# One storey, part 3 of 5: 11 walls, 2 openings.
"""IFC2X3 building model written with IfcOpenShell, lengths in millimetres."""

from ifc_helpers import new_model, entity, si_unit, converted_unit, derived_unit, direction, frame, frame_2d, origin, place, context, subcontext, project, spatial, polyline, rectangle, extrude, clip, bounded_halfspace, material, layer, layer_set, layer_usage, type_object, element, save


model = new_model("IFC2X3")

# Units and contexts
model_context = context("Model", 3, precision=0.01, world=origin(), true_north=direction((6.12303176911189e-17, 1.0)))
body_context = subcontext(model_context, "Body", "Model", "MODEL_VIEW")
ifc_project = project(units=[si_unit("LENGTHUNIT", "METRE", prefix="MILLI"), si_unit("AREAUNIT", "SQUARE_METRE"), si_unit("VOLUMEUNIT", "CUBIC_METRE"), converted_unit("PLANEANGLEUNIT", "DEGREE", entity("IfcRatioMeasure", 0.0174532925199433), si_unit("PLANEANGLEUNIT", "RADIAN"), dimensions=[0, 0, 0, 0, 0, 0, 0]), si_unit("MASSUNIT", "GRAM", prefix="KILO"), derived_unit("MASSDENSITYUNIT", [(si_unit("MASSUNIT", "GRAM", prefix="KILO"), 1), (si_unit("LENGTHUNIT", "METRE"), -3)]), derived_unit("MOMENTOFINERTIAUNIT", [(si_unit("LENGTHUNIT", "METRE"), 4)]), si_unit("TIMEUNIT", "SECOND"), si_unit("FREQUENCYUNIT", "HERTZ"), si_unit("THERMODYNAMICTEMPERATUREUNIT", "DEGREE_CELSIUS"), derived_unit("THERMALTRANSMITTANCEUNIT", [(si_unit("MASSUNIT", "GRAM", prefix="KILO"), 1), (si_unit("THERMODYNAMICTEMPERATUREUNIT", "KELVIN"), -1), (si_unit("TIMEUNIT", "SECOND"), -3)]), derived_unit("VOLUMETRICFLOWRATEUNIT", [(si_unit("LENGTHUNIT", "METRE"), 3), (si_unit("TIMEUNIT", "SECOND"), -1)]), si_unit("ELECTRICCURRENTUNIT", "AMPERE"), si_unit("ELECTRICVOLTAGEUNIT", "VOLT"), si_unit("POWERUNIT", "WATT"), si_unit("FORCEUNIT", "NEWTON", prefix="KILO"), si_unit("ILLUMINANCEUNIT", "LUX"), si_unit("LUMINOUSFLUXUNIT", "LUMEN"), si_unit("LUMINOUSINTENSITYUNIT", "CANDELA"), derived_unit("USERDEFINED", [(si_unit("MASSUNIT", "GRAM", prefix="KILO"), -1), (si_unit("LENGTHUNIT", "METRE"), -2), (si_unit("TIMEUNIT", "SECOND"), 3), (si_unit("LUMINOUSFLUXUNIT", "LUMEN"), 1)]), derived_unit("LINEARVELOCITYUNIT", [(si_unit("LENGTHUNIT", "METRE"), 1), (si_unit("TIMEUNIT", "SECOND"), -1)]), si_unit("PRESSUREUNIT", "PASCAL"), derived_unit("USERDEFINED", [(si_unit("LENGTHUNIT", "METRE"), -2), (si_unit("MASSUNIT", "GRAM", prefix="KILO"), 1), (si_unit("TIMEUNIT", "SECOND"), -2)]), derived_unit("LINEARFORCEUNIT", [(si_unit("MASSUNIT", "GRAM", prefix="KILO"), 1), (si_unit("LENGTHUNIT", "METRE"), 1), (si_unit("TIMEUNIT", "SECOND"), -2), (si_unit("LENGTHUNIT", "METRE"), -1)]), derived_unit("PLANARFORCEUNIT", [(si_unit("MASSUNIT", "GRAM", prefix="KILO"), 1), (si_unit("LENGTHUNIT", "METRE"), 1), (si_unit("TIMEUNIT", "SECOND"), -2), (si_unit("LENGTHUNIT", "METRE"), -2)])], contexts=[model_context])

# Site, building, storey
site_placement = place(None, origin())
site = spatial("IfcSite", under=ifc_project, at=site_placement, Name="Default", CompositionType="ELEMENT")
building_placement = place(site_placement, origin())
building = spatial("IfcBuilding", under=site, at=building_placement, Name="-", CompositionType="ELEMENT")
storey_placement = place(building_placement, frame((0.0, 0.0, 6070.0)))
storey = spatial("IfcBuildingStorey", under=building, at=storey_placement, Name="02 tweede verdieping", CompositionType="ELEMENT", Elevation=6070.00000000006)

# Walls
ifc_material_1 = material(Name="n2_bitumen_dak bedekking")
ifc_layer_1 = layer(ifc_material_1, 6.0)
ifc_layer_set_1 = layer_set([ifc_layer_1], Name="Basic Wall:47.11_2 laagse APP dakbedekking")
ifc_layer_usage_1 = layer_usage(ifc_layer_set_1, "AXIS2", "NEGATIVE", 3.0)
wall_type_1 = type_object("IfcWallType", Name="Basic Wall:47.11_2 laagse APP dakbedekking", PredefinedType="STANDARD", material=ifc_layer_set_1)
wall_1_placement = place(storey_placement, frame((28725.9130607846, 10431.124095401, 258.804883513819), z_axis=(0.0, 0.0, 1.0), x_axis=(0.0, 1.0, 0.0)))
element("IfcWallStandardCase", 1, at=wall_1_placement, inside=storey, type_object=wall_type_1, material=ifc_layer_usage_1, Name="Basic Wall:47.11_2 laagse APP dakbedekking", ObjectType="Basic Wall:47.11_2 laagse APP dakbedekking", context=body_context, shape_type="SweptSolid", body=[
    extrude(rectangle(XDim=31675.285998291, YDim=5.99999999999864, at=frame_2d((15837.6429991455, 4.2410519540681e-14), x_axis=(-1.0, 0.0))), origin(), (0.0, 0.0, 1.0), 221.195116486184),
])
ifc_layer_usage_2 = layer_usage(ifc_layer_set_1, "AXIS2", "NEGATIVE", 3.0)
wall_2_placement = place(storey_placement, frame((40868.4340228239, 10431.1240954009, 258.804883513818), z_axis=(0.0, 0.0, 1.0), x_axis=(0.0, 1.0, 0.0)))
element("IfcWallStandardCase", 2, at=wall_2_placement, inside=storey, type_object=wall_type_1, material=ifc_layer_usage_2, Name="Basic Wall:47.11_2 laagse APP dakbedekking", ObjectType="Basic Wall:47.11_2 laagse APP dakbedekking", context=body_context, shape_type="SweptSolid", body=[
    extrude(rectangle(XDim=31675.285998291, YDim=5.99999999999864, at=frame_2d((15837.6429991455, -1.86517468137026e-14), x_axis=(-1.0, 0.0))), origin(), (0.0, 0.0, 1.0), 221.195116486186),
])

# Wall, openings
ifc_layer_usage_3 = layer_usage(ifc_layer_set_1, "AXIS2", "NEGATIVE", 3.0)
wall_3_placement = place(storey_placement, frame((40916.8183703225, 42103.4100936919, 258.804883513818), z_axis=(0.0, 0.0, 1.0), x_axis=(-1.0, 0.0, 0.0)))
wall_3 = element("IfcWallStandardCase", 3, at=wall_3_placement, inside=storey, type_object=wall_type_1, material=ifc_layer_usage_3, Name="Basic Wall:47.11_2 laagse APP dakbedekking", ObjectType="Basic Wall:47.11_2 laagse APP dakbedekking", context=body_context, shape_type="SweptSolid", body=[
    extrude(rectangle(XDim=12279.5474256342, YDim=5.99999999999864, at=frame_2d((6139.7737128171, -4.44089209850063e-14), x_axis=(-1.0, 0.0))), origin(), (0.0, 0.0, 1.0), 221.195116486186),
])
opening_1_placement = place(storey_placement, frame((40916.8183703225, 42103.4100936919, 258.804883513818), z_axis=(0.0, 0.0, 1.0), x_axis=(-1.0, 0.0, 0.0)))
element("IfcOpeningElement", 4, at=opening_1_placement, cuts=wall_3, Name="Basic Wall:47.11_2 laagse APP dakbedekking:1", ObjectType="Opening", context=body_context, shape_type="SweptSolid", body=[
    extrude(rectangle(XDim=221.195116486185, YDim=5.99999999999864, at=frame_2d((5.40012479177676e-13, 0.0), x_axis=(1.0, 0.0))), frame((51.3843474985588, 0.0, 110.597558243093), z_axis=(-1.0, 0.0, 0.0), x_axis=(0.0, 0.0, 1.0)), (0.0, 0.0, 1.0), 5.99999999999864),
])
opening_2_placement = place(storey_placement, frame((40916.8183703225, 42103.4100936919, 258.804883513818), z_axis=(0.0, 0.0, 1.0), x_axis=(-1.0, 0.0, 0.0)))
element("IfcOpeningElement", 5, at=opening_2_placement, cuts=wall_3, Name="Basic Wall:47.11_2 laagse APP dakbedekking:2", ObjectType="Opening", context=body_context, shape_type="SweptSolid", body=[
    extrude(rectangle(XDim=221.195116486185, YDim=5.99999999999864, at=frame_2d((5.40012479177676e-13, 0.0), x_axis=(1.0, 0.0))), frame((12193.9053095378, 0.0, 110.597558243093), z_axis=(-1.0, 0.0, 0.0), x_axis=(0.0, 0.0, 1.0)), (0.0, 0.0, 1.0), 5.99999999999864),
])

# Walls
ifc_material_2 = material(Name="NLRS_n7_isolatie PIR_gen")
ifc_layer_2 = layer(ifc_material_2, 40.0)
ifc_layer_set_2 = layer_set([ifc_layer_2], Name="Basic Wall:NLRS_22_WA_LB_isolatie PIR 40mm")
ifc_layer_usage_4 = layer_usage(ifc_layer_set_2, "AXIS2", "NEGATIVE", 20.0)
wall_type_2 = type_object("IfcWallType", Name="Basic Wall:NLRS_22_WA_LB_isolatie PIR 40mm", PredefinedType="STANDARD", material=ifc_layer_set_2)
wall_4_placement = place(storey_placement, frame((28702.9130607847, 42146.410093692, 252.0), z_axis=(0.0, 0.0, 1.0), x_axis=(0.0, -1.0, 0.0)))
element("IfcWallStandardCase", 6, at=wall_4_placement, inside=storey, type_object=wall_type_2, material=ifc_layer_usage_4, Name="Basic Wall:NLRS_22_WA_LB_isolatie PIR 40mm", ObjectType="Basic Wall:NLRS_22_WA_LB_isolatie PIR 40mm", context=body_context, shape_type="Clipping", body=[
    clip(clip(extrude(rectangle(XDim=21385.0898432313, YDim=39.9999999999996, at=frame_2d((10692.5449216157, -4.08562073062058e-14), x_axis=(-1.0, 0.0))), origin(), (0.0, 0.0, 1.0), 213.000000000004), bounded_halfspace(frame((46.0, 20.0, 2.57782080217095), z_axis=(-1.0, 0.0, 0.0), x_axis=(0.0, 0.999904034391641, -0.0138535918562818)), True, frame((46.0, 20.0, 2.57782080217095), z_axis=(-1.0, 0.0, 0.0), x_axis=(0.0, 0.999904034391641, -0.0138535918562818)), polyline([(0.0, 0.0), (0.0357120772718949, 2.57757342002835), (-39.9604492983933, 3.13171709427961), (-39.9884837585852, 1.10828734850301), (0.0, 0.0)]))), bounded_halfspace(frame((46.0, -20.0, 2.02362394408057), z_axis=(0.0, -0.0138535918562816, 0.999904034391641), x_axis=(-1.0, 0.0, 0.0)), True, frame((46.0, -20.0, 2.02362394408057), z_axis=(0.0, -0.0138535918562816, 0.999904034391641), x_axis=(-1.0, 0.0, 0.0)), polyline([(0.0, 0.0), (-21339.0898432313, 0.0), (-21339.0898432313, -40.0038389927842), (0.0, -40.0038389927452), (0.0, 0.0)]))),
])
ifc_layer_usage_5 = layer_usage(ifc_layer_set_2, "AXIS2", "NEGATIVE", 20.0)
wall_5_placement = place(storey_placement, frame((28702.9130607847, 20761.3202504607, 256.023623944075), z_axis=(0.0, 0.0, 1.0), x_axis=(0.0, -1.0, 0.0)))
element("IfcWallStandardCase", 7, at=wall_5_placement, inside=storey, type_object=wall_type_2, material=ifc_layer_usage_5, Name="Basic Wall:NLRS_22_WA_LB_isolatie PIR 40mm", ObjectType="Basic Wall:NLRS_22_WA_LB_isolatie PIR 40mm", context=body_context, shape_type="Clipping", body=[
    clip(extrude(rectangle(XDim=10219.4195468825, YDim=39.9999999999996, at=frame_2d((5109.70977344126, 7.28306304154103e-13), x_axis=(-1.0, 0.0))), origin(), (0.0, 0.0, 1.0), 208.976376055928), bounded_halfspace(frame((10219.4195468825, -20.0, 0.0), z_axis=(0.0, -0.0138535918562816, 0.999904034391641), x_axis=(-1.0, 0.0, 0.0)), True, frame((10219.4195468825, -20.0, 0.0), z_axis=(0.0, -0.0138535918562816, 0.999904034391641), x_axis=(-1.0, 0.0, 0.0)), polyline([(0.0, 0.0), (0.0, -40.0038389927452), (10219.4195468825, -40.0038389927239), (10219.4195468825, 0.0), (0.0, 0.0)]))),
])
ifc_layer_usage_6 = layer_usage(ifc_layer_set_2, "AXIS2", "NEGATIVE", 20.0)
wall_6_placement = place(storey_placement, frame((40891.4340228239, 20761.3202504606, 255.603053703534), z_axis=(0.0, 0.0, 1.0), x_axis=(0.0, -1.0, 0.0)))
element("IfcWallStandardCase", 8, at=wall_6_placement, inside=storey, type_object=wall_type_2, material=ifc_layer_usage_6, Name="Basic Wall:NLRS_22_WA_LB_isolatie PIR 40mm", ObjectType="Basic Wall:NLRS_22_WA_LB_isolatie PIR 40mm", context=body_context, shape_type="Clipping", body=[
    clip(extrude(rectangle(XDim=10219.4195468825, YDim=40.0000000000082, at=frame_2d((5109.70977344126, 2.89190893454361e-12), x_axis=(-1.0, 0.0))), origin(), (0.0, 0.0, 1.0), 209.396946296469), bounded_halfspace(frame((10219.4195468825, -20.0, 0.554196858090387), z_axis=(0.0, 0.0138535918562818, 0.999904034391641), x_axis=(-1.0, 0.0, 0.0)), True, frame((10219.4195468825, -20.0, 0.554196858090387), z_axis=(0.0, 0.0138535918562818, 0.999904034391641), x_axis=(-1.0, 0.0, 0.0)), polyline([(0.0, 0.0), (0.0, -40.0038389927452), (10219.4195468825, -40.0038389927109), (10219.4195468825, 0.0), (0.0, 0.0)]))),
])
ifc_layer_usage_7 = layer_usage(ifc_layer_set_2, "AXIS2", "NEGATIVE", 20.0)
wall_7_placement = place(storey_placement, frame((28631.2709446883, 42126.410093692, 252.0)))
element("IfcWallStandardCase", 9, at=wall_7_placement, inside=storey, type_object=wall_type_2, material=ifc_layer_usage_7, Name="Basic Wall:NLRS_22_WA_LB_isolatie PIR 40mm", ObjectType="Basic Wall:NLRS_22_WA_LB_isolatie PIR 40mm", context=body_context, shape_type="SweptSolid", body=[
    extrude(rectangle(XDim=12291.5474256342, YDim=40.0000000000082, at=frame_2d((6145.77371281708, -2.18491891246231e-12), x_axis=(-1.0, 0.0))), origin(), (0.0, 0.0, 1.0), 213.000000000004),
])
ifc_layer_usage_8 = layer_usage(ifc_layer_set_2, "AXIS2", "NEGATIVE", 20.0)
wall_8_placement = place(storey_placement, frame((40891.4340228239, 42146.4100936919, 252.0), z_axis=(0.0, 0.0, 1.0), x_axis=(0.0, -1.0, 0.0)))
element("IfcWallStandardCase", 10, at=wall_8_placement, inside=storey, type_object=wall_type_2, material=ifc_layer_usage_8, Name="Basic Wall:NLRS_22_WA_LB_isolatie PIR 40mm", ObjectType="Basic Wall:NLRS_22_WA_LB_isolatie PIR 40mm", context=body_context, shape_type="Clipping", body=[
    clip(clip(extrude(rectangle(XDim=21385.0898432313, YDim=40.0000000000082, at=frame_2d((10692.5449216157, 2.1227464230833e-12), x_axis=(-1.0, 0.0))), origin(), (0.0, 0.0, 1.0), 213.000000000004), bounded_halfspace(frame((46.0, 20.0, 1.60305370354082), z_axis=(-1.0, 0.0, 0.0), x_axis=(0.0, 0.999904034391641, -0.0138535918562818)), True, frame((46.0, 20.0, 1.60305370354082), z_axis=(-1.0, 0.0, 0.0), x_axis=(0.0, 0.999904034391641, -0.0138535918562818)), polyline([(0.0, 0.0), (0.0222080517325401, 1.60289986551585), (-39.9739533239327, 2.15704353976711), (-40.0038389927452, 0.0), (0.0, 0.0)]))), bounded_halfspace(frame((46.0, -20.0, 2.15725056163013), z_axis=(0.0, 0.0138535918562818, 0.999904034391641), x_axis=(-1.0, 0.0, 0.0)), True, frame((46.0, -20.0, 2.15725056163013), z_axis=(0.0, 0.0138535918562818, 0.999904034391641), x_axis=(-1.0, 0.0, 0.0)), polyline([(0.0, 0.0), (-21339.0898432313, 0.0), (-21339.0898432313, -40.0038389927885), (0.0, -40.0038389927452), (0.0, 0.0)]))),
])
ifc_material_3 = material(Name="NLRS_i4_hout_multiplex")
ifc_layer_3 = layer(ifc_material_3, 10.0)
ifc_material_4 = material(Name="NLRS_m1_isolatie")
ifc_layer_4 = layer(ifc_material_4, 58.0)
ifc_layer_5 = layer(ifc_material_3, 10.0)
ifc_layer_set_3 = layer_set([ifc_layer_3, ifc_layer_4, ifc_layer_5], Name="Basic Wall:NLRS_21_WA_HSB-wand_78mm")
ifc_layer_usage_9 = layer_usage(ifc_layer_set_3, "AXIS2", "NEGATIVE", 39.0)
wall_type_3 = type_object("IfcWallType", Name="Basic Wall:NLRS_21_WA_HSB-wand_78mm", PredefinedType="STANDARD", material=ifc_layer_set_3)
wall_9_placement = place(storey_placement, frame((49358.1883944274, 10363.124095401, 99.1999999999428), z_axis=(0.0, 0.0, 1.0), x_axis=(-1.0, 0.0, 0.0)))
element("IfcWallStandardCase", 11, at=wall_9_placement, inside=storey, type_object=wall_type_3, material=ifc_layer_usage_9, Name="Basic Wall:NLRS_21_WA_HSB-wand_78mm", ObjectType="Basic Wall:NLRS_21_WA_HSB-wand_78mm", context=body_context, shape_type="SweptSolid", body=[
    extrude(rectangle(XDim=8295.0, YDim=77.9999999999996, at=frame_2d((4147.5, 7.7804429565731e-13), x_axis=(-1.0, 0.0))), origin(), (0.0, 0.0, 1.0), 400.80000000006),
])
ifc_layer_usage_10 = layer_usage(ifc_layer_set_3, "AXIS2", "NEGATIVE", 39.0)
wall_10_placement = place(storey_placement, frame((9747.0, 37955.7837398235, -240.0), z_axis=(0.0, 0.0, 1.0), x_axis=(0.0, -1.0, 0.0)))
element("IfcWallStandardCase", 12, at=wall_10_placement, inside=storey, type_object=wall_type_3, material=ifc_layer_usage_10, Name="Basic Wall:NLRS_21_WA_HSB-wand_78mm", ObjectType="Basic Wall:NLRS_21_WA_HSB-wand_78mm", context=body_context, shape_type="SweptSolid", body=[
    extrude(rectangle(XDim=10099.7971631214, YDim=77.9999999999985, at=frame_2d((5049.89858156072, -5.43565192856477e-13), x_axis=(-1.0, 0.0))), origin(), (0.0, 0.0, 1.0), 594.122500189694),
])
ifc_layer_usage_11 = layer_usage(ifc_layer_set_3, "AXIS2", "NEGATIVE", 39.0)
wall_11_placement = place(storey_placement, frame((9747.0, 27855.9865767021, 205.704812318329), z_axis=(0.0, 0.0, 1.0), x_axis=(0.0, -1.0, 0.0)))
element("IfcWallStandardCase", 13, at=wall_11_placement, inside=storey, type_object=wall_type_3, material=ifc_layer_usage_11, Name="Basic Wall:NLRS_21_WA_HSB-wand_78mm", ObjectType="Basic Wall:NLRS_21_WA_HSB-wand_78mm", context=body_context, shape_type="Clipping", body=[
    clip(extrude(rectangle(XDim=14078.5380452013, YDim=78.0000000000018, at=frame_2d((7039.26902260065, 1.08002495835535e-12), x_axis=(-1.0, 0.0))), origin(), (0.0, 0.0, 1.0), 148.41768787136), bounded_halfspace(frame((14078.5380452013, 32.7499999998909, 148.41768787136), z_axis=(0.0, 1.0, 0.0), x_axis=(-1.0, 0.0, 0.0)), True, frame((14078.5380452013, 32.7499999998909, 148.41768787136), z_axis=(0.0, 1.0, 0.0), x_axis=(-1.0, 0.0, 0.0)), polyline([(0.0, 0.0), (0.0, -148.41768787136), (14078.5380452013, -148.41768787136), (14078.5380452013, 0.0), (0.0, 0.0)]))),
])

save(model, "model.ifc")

========

**To do**
If a line in the listing contains the string "save", copy it.

**Reply**
from ifc_helpers import new_model, entity, si_unit, converted_unit, derived_unit, direction, frame, frame_2d, origin, place, context, subcontext, project, spatial, polyline, rectangle, extrude, clip, bounded_halfspace, material, layer, layer_set, layer_usage, type_object, element, save
save(model, "model.ifc")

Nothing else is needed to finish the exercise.